A new artificial intelligence system described as a “traffic twin” is helping transport authorities better manage congestion and reduce delays on busy roads. The technology creates a digital replica of real-world traffic networks, allowing planners to observe how vehicles move across a city and test possible improvements before applying them in real life.
Officials involved in the project say the system is already helping improve the flow of traffic and reduce waiting times at intersections. By analyzing real-time data from sensors and cameras, the AI model can predict congestion and suggest changes to traffic signals or routes.
A Digital Model of the City’s Roads
The traffic twin works by collecting large amounts of data from across the road network, including vehicle movements, traffic light timings and public transport information. This data is used to build a live digital simulation of traffic conditions.
Transport managers can observe how congestion develops in the digital model and test potential solutions. For example, they can examine how adjusting signal timings or prioritizing buses at certain intersections would affect traffic flow.

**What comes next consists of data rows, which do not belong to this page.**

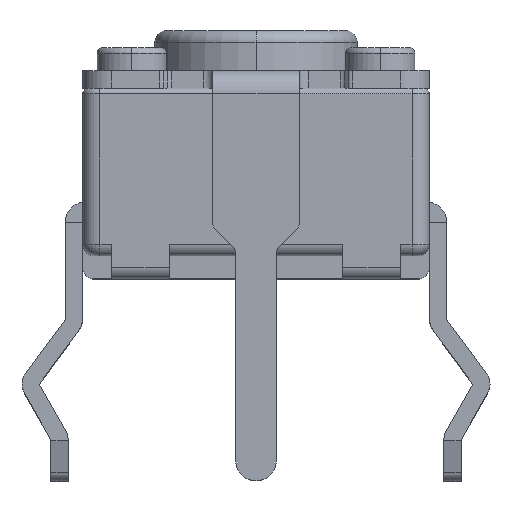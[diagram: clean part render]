
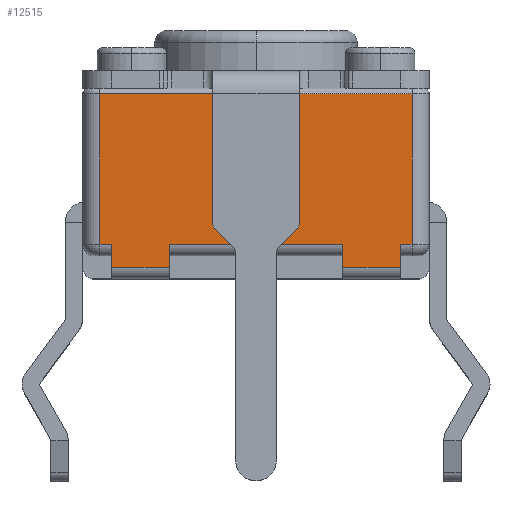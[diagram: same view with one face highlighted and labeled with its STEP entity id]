
A CAD part, top view. The second image highlights one B-rep face of the part: STEP entity #12515.
In plain terms, the highlighted planar face has unit normal (0, 0, 1).
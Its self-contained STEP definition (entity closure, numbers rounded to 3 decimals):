
#9472 = DIRECTION ( 'NONE',  ( 1., 0., 0. ) ) ;
#9655 = PLANE ( 'NONE',  #9727 ) ;
#9725 = DIRECTION ( 'NONE',  ( 0., 0., -1. ) ) ;
#9726 = CARTESIAN_POINT ( 'NONE',  ( 0., 3.3, 3. ) ) ;
#9727 = AXIS2_PLACEMENT_3D ( 'NONE', #9726, #9725, #9472 ) ;
#9729 = DIRECTION ( 'NONE',  ( 0., -1., 0. ) ) ;
#9732 = FACE_OUTER_BOUND ( 'NONE', #12516, .T. ) ;
#9741 = VECTOR ( 'NONE', #9729, 1000. ) ;
#9742 = CARTESIAN_POINT ( 'NONE',  ( 1.5, 0.4, 3. ) ) ;
#9743 = LINE ( 'NONE', #9742, #9741 ) ;
#9748 = CARTESIAN_POINT ( 'NONE',  ( 0., 0.6, 3. ) ) ;
#9749 = LINE ( 'NONE', #9748, #9815 ) ;
#9752 = DIRECTION ( 'NONE',  ( -1., 0., 0. ) ) ;
#9753 = CARTESIAN_POINT ( 'NONE',  ( 2.7, 0.6, 3. ) ) ;
#9754 = CARTESIAN_POINT ( 'NONE',  ( 1.5, 0.2, 3. ) ) ;
#9758 = CARTESIAN_POINT ( 'NONE',  ( 0., 0.2, 3. ) ) ;
#9759 = LINE ( 'NONE', #9758, #9775 ) ;
#9760 = DIRECTION ( 'NONE',  ( 0., -1., 0. ) ) ;
#9761 = VECTOR ( 'NONE', #9760, 1000. ) ;
#9762 = CARTESIAN_POINT ( 'NONE',  ( 2.5, 0.4, 3. ) ) ;
#9763 = LINE ( 'NONE', #9762, #9761 ) ;
#9765 = CARTESIAN_POINT ( 'NONE',  ( 2.5, 0.2, 3. ) ) ;
#9770 = CARTESIAN_POINT ( 'NONE',  ( 2.5, 0.6, 3. ) ) ;
#9773 = CARTESIAN_POINT ( 'NONE',  ( 1.5, 0.6, 3. ) ) ;
#9775 = VECTOR ( 'NONE', #9752, 1000. ) ;
#9777 = CARTESIAN_POINT ( 'NONE',  ( -2.7, 3.2, 3. ) ) ;
#9803 = CARTESIAN_POINT ( 'NONE',  ( -2.5, 0.2, 3. ) ) ;
#9805 = DIRECTION ( 'NONE',  ( 1., 0., 0. ) ) ;
#9809 = VECTOR ( 'NONE', #9805, 1000. ) ;
#9812 = CARTESIAN_POINT ( 'NONE',  ( 0., 0.2, 3. ) ) ;
#9813 = LINE ( 'NONE', #9812, #9809 ) ;
#9814 = DIRECTION ( 'NONE',  ( -1., 0., 0. ) ) ;
#9815 = VECTOR ( 'NONE', #9814, 1000. ) ;
#9817 = DIRECTION ( 'NONE',  ( 0., -1., 0. ) ) ;
#9818 = VECTOR ( 'NONE', #9817, 1000. ) ;
#9820 = VECTOR ( 'NONE', #9884, 1000. ) ;
#9821 = LINE ( 'NONE', #9824, #9818 ) ;
#9824 = CARTESIAN_POINT ( 'NONE',  ( -1.5, 0.4, 3. ) ) ;
#9850 = CARTESIAN_POINT ( 'NONE',  ( -2.7, 0.6, 3. ) ) ;
#9871 = DIRECTION ( 'NONE',  ( 0., -1., 0. ) ) ;
#9872 = VECTOR ( 'NONE', #9871, 1000. ) ;
#9873 = CARTESIAN_POINT ( 'NONE',  ( 2.7, 3.3, 3. ) ) ;
#9876 = LINE ( 'NONE', #9873, #9872 ) ;
#9882 = CARTESIAN_POINT ( 'NONE',  ( -2.5, 0.4, 3. ) ) ;
#9884 = DIRECTION ( 'NONE',  ( 1., 0., 0. ) ) ;
#9885 = VECTOR ( 'NONE', #9937, 1000. ) ;
#9890 = LINE ( 'NONE', #9882, #9885 ) ;
#9893 = LINE ( 'NONE', #9971, #9970 ) ;
#9900 = CARTESIAN_POINT ( 'NONE',  ( 0., 3.2, 3. ) ) ;
#9901 = LINE ( 'NONE', #9900, #9820 ) ;
#9911 = CARTESIAN_POINT ( 'NONE',  ( -1.5, 0.6, 3. ) ) ;
#9914 = DIRECTION ( 'NONE',  ( 0., -1., 0. ) ) ;
#9915 = VECTOR ( 'NONE', #9914, 1000. ) ;
#9916 = CARTESIAN_POINT ( 'NONE',  ( -2.7, 3.3, 3. ) ) ;
#9917 = CARTESIAN_POINT ( 'NONE',  ( 2.7, 3.2, 3. ) ) ;
#9918 = LINE ( 'NONE', #9916, #9915 ) ;
#9919 = CARTESIAN_POINT ( 'NONE',  ( -2.5, 0.6, 3. ) ) ;
#9937 = DIRECTION ( 'NONE',  ( 0., -1., 0. ) ) ;
#9964 = DIRECTION ( 'NONE',  ( -1., 0., 0. ) ) ;
#9965 = VECTOR ( 'NONE', #9964, 1000. ) ;
#9969 = DIRECTION ( 'NONE',  ( 1., 0., 0. ) ) ;
#9970 = VECTOR ( 'NONE', #9969, 1000. ) ;
#9971 = CARTESIAN_POINT ( 'NONE',  ( 0., 0.6, 3. ) ) ;
#9975 = CARTESIAN_POINT ( 'NONE',  ( 0., 0.6, 3. ) ) ;
#9976 = LINE ( 'NONE', #9975, #9965 ) ;
#9977 = CARTESIAN_POINT ( 'NONE',  ( -1.5, 0.2, 3. ) ) ;
#12511 = ORIENTED_EDGE ( 'NONE', *, *, #12529, .F. ) ;
#12512 = EDGE_CURVE ( 'NONE', #12527, #12534, #9743, .T. ) ;
#12515 = ADVANCED_FACE ( 'NONE', ( #9732 ), #9655, .F. ) ;
#12516 = EDGE_LOOP ( 'NONE', ( #12530, #12511, #12536, #12531, #12526, #12573, #12576, #12557, #12542, #12565, #12582, #12538 ) ) ;
#12523 = VERTEX_POINT ( 'NONE', #9770 ) ;
#12524 = EDGE_CURVE ( 'NONE', #12523, #12525, #9763, .T. ) ;
#12525 = VERTEX_POINT ( 'NONE', #9765 ) ;
#12526 = ORIENTED_EDGE ( 'NONE', *, *, #12551, .F. ) ;
#12527 = VERTEX_POINT ( 'NONE', #9773 ) ;
#12528 = VERTEX_POINT ( 'NONE', #9777 ) ;
#12529 = EDGE_CURVE ( 'NONE', #12525, #12534, #9759, .T. ) ;
#12530 = ORIENTED_EDGE ( 'NONE', *, *, #12512, .T. ) ;
#12531 = ORIENTED_EDGE ( 'NONE', *, *, #12533, .F. ) ;
#12533 = EDGE_CURVE ( 'NONE', #12535, #12523, #9749, .T. ) ;
#12534 = VERTEX_POINT ( 'NONE', #9754 ) ;
#12535 = VERTEX_POINT ( 'NONE', #9753 ) ;
#12536 = ORIENTED_EDGE ( 'NONE', *, *, #12524, .F. ) ;
#12538 = ORIENTED_EDGE ( 'NONE', *, *, #12585, .F. ) ;
#12539 = EDGE_CURVE ( 'NONE', #12543, #12579, #9813, .T. ) ;
#12542 = ORIENTED_EDGE ( 'NONE', *, *, #12571, .T. ) ;
#12543 = VERTEX_POINT ( 'NONE', #9803 ) ;
#12546 = EDGE_CURVE ( 'NONE', #12564, #12579, #9821, .T. ) ;
#12551 = EDGE_CURVE ( 'NONE', #12577, #12535, #9876, .T. ) ;
#12557 = ORIENTED_EDGE ( 'NONE', *, *, #12581, .T. ) ;
#12564 = VERTEX_POINT ( 'NONE', #9911 ) ;
#12565 = ORIENTED_EDGE ( 'NONE', *, *, #12539, .T. ) ;
#12566 = VERTEX_POINT ( 'NONE', #9850 ) ;
#12568 = EDGE_CURVE ( 'NONE', #12528, #12577, #9901, .T. ) ;
#12571 = EDGE_CURVE ( 'NONE', #12580, #12543, #9890, .T. ) ;
#12573 = ORIENTED_EDGE ( 'NONE', *, *, #12568, .F. ) ;
#12574 = EDGE_CURVE ( 'NONE', #12528, #12566, #9918, .T. ) ;
#12576 = ORIENTED_EDGE ( 'NONE', *, *, #12574, .T. ) ;
#12577 = VERTEX_POINT ( 'NONE', #9917 ) ;
#12579 = VERTEX_POINT ( 'NONE', #9977 ) ;
#12580 = VERTEX_POINT ( 'NONE', #9919 ) ;
#12581 = EDGE_CURVE ( 'NONE', #12566, #12580, #9893, .T. ) ;
#12582 = ORIENTED_EDGE ( 'NONE', *, *, #12546, .F. ) ;
#12585 = EDGE_CURVE ( 'NONE', #12527, #12564, #9976, .T. ) ;

Because these changes are tested first in the virtual model, authorities can implement strategies with greater confidence and less risk of disruption.
Helping Buses Move Faster
One of the key goals of the technology is to improve the reliability of public transport. Bus services often face delays when traffic lights and road congestion slow their progress.
With the help of the traffic twin system, transport officials can identify areas where buses are frequently delayed and adjust traffic signals accordingly. In some cases, the system can give buses priority at intersections, helping them move through traffic more efficiently.
Early results suggest that the technology is already reducing travel times on certain routes and making bus schedules more reliable.
Predicting Congestion Before It Happens
Unlike traditional traffic systems that rely on fixed signal schedules, the AI model continuously analyzes live traffic data. This allows it to identify patterns and predict congestion before it becomes severe.
If the system detects a potential traffic buildup, it can recommend adjustments to signal timings or alternative routes. These changes can prevent bottlenecks from forming and help keep vehicles moving.
Transport experts say this predictive capability is one of the most important advantages of AI-based traffic management.
Part of a Growing Smart City Movement
The traffic twin project is part of a wider global effort to use artificial intelligence to improve urban infrastructure. Cities around the world are exploring AI tools to manage traffic lights, public transport systems and road networks more effectively.
Supporters of the technology say it could help cities respond more quickly to changing traffic conditions and reduce congestion in densely populated areas.
By improving traffic flow, the system could also reduce fuel consumption and emissions, contributing to broader environmental goals.
Challenges Remain
Despite its potential, implementing a traffic twin system requires significant investment in infrastructure. Cities must install sensors, cameras and communication networks capable of collecting and transmitting large volumes of data.
There are also concerns about the cost of maintaining such systems and ensuring that data is accurate and secure.
Experts say the success of the technology will depend on reliable data and careful coordination between transport authorities, technology providers and city planners.
Looking Ahead
Transport officials believe that digital twin technology could play a major role in the future of urban mobility. As AI systems become more advanced, traffic twins could be used not only to manage daily traffic but also to plan future road projects and transport policies.
For now, early results suggest that the system is already helping reduce delays and improve the efficiency of busy road networks.
As cities continue searching for smarter ways to manage growing traffic demands, AI-powered solutions like traffic twins may become an increasingly important tool for modern transportation planning.